When Heather Milam walks through the “Art of the Character” exhibition at Indiana University Bloomington’s Sidney and Lois Eskenazi Museum of Art showcasing costumes from some of acclaimed actress Glenn Close’s most famous roles, she’ll be transported back in time.
Milam, director of undergraduate studies in the Department of Theatre, Drama and Contemporary Dance and head of the MFA Costume Technology program, had a hand in making some of the costumes when she was working at famed Broadway costume shop Barbara Matera Ltd. in the 1990s. Milam landed her dream internship there when she was a 21-year-old Ithaca College student, leading to a job after graduation.
Milam was early in her career when Matera’s was tasked with making the iconic Cruella De Vil costumes Close wore in “101 Dalmatians.” She was involved in a variety of projects, lending a hand to whoever needed the most help putting on sequins or feathers.
“Those are phenomenal costumes,” Milam said. “The costume designer, Anthony Powell, is brilliant. It was an honor to be involved in what was a classic Disney villain construction.”

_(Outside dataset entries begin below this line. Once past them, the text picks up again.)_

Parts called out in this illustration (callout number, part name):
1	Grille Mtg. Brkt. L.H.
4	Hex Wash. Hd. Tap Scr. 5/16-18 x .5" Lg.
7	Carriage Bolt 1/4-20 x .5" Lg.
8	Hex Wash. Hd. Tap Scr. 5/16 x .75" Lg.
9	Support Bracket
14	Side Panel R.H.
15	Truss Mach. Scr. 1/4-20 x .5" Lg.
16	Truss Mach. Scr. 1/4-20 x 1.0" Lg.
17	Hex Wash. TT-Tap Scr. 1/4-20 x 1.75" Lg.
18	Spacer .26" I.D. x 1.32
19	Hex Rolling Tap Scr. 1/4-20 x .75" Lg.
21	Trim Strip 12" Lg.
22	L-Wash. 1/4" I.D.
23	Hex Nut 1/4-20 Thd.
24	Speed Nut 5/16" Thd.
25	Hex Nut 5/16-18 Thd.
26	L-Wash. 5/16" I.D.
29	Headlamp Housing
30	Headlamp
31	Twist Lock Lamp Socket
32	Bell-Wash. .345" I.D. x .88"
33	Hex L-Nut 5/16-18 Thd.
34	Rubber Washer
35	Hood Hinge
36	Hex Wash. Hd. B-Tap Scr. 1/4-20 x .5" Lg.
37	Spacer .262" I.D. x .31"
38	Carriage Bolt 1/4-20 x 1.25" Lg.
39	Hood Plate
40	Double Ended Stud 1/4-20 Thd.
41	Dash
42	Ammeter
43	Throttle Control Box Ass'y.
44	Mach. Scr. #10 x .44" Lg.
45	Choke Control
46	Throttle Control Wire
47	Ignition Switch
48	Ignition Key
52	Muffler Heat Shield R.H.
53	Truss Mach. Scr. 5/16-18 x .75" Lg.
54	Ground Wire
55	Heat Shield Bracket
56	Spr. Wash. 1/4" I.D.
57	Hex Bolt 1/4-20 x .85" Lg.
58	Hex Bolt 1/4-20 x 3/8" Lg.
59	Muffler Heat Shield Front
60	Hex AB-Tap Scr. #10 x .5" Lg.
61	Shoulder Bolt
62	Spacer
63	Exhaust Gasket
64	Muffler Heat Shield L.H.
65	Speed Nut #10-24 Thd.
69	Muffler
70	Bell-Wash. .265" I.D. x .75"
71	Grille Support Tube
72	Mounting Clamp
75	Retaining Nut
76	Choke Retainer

She was involved more intimately when the shop later made costumes for “102 Dalmatians.” Working as a first hand, Milam got her hands on the fabric, corrected patterns and helped lead a team of cutters and stitchers working on the pieces. While she remembers the intricate designs and unique fabrics, it’s Close’s appreciation for costume making that left the biggest impression on Milam. During one final fitting, Close paraded through the shop in costume.
“She walked through in her wig, with her long cigarette holder and the high boots, and went and thanked every single person throughout the shop,” Milam said. “Being a mid-20s young person, it was inspiring to know that people cared, that famous people cared about what I did.”
Milam’s experience is now coming full circle, as she and some of her students help prepare several of Close’s costumes for the upcoming “The Art of the Character” exhibition at the Eskenazi Museum. Milam has worked with the curator of the Eskenazi School of Art, Architecture + Design’s Sage Collection to make understructures for some of the costumes that will be displayed. She replicated 18th-century panniers, or side hoops, to go under the dresses Close wore in “Dangerous Liaisons.”
One of Milam’s students, costume technology MFA candidate Madi Bell, has gotten a rare, up-close look at some of the very costumes Milam helped put together at Matera’s. Bell did condition reports for many of the pieces Close donated to IU, cataloging any stains, rips, tears or other imperfections to help with future preservation. It gave her the opportunity to see every detail of a garment, gaining valuable insight into what it takes to construct such intricate designs.
“It was really exciting for me because I am a nerd when it comes to really fine finishings,” Bell said. “I’ve always heard in grad school that you get all of these opportunities, but I was never expecting this grand of an opportunity.”
On several occasions, Bell would recount to Milam the details of a costume she had recently cataloged, and Milam would share stories from her time working on the same piece at Matera’s. The experience has been deeply meaningful to Bell as she prepares for her future ambitions of working as a draper in the costume industry. Like it was for Milam, being exposed to some of Close’s most iconic costumes early in her career has proven pivotal.
“I think just the knowledge of how to care for clothing that I’ve learned through this process is really helpful, and different ways of treating pieces so that they can last longer is my biggest takeaway,” Bell said.
Some of Bell’s work will even be showcased during the exhibition, although hidden from view. She made a false collar and false cuffs to go under Close’s “Guardians of the Galaxy” costume for display purposes. The pieces help protect the costume, one of the many ways IU is ensuring Close’s collection will be preserved for decades to come. Bell said she’s excited to see all of the costumes she’s examined on display together when the exhibition opens at the Eskenazi Museum on May 6.
“To know I had a hand in it will be satisfying,” she said.